## Work request
What is needed is an exact copy of the entries, with the pictures excluded.

(Stored entries)
--------------------------------
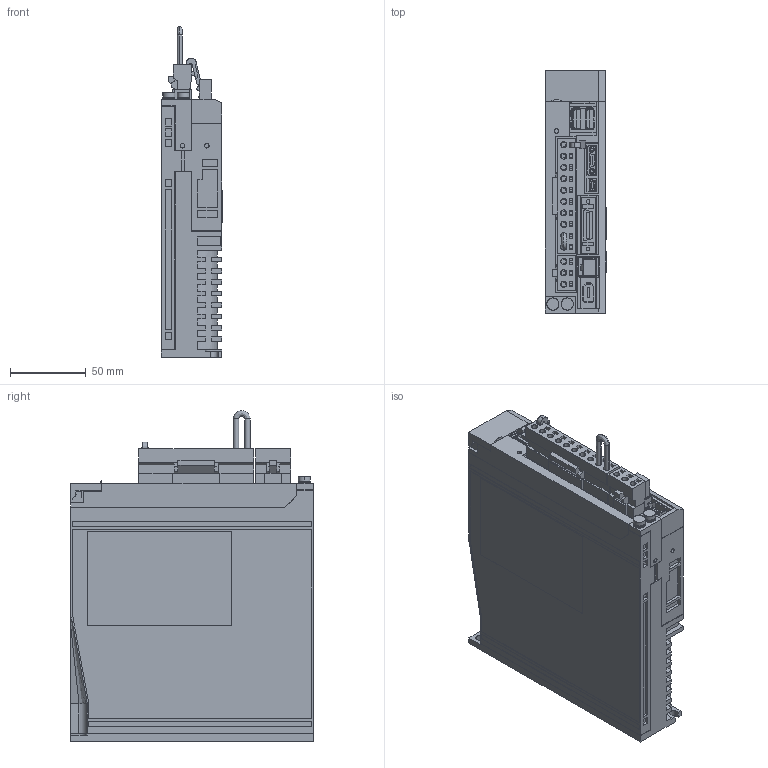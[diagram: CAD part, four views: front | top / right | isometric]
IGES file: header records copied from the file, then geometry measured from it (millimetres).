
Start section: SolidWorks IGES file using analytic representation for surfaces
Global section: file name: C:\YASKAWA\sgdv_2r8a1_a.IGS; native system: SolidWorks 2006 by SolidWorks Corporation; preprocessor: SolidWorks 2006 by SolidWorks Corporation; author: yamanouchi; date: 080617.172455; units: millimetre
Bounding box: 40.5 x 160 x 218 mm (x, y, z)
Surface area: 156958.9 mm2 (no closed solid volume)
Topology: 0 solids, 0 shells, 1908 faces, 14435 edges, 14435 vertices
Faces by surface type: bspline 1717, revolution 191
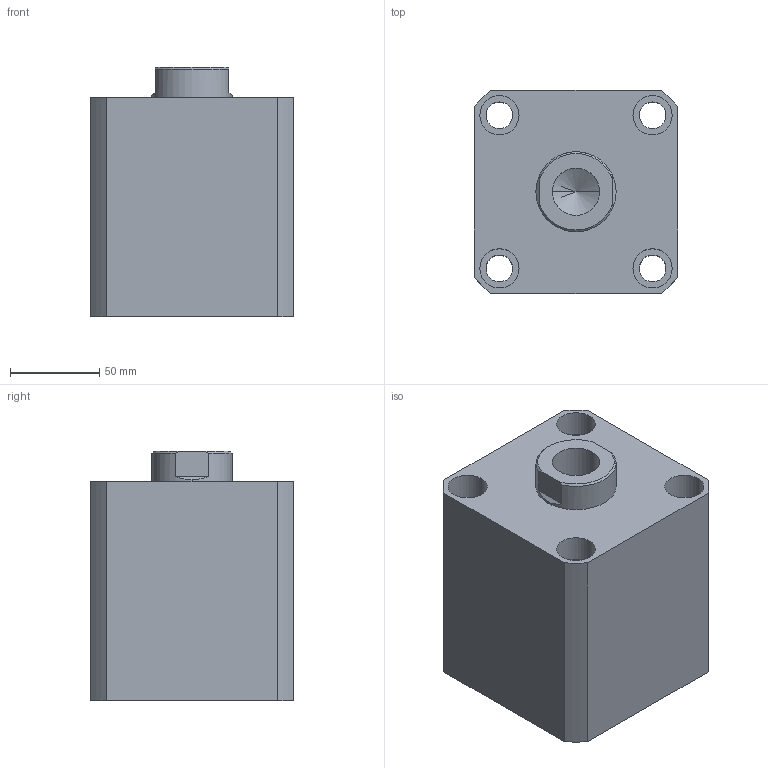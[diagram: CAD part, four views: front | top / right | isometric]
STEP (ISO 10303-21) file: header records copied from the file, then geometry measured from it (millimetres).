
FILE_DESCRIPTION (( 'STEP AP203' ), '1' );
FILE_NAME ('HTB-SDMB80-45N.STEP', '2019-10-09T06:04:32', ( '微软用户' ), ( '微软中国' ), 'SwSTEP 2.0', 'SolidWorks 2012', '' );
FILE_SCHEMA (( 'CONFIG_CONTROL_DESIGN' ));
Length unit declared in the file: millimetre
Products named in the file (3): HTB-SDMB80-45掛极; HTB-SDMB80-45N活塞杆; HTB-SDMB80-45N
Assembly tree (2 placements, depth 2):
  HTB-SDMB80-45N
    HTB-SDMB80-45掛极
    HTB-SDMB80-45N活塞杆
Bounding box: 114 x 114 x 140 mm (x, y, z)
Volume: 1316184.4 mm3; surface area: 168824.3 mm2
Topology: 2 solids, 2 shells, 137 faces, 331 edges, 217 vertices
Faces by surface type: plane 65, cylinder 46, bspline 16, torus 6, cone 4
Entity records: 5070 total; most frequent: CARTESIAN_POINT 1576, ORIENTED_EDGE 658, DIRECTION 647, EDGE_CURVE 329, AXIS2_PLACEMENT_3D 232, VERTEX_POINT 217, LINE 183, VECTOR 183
--------------------------------
## Result for this exercise
[diagram: CAD part, four views: front | top / right | isometric]
IGES file: header records copied from the file, then geometry measured from it (millimetres).
Start section: SolidWorks IGES file using analytic representation for surfaces
Global section: file name: C:\YASKAWA\sgdv_2r8a1_a.IGS; native system: SolidWorks 2006 by SolidWorks Corporation; preprocessor: SolidWorks 2006 by SolidWorks Corporation; author: yamanouchi; date: 080617.172455; units: millimetre
Bounding box: 40.5 x 160 x 218 mm (x, y, z)
Surface area: 156958.9 mm2 (no closed solid volume)
Topology: 0 solids, 0 shells, 1908 faces, 14435 edges, 14435 vertices
Faces by surface type: bspline 1717, revolution 191
[diagram: CAD part, four views: front | top / right | isometric]
STEP (ISO 10303-21) file: header records copied from the file, then geometry measured from it (millimetres).
FILE_DESCRIPTION (( 'STEP AP203' ), '1' );
FILE_NAME ('HTB-SDMB80-45N.STEP', '2019-10-09T06:04:32', ( '微软用户' ), ( '微软中国' ), 'SwSTEP 2.0', 'SolidWorks 2012', '' );
FILE_SCHEMA (( 'CONFIG_CONTROL_DESIGN' ));
Length unit declared in the file: millimetre
Products named in the file (3): HTB-SDMB80-45掛极; HTB-SDMB80-45N活塞杆; HTB-SDMB80-45N
Assembly tree (2 placements, depth 2):
  HTB-SDMB80-45N
    HTB-SDMB80-45掛极
    HTB-SDMB80-45N活塞杆
Bounding box: 114 x 114 x 140 mm (x, y, z)
Volume: 1316184.4 mm3; surface area: 168824.3 mm2
Topology: 2 solids, 2 shells, 137 faces, 331 edges, 217 vertices
Faces by surface type: plane 65, cylinder 46, bspline 16, torus 6, cone 4
Entity records: 5070 total; most frequent: CARTESIAN_POINT 1576, ORIENTED_EDGE 658, DIRECTION 647, EDGE_CURVE 329, AXIS2_PLACEMENT_3D 232, VERTEX_POINT 217, LINE 183, VECTOR 183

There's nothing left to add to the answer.